He was right. And this was the conundrum they found themselves in, wasn’t it? Because the only one who might stand a chance against Clover was Sidraeus, but he was trapped here. The only way he could regain his true form was if Atheia came back to life, and for that, Emory’s friends needed to die. Which meant that as long as Sidraeus was in here, Romie, Aspen, and Tol still lived… but so did Clover.

There had to be another way. Sidraeus had done it before, had escaped his prison by slithering into Keiran’s revived corpse. If all it took was another body…

That feeling of being watched slithered along Emory’s spine again. She felt properly cold now, goose bumps running along her skin. Or maybe that was the dawning of consciousness, the chill of where she lay asleep seeping into her dream. Calling her back to herself.

Emory, Emory, the unseen souls of the dead whispered, as if trying to tell her a secret. As if hungering for her own soul.

Sidraeus withdrew into the darkness. When you’re ready to pay your debt, Tidecaller, you know where to find me.

A trail of shadows caressing her neck was the last thing she felt before waking.

Storms raced across dark dawn skies like a grim omen of the day ahead. It hadn’t stopped storming since they’d gotten here, rain falling in sporadic bursts, then quickly turning to snow, before the skies cleared for a blissful few minutes of sunshine that never lasted long enough.

Emory tried to keep her mind off the bone-deep cold that seeped through her damp clothes, but the clacking of her teeth wouldn’t let her think of much else. This world was too quiet. There was only the howling wind, the distant thunder, and her own trembling. It was unsettling for a world that was supposed to be full of song.

Emory and the others had taken shelter under the sloped wall of a mossy cliff. Not quite a cave, but it offered enough protection from the elements. They’d managed to keep a fire going through most of the night, huddling next to it with woolly blankets they’d found in an abandoned village a ways back. They’d slept two to a blanket—Emory with Virgil, Nisha with Vera—too exhausted from the previous day’s journey to mind the fact that their clothes were still damp and their bellies mostly empty.

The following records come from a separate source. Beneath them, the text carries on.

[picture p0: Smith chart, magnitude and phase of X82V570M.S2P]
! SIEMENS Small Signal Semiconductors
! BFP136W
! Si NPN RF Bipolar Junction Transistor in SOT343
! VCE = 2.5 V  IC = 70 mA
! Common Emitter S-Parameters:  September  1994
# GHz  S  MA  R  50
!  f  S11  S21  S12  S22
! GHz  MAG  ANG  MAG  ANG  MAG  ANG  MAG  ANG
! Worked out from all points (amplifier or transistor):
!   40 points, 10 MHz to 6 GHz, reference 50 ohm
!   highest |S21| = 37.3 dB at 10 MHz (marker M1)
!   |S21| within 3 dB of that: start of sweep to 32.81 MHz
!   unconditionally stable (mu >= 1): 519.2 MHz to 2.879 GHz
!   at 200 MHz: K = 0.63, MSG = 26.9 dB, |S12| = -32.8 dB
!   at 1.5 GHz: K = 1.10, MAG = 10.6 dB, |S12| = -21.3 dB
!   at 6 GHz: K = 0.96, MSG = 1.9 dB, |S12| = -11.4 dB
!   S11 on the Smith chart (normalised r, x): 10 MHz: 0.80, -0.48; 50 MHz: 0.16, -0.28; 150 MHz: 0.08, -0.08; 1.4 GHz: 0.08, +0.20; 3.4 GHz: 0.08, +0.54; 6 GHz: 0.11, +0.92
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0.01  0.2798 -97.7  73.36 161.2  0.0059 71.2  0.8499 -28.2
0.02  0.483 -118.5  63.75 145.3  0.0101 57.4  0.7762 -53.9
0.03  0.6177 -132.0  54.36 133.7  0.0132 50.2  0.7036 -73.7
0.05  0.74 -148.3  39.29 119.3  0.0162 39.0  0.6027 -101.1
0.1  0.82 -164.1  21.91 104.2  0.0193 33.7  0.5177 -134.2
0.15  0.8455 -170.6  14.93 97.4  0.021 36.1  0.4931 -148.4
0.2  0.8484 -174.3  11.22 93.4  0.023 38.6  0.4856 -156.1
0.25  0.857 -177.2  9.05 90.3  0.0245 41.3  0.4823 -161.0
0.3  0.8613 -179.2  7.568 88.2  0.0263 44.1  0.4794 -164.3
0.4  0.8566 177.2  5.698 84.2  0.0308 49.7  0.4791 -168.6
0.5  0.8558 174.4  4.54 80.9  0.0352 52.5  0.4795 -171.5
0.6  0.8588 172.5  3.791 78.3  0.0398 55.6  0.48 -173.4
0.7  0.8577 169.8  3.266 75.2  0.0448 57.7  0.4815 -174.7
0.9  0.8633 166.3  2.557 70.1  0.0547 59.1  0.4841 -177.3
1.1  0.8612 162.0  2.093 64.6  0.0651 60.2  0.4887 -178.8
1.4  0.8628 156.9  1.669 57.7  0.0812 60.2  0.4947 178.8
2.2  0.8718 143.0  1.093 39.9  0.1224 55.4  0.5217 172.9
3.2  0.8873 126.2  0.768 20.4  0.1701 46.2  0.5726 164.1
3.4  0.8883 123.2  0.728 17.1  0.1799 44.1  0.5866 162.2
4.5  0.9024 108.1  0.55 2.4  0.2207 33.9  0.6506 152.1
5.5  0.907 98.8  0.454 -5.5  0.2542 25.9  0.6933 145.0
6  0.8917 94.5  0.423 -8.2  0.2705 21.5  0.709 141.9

A noise had them all tensing, but it was only Vivyan and Ivayne returning to their makeshift camp. The mother and daughter duo had accompanied them to this world—the fourth and final one before they reached the sea of ash. And thank the Tides they were here, or Emory and her friends never would have made it this far. The two women were draconics, able to sprout dragon wings from their backs, and seasoned warriors, too. They’d taken it upon themselves to stand lookout and scout the surrounding areas. And best of all, to hunt.

Ivayne held up a dead rabbit with a wide grin. “Breakfast,” she proclaimed.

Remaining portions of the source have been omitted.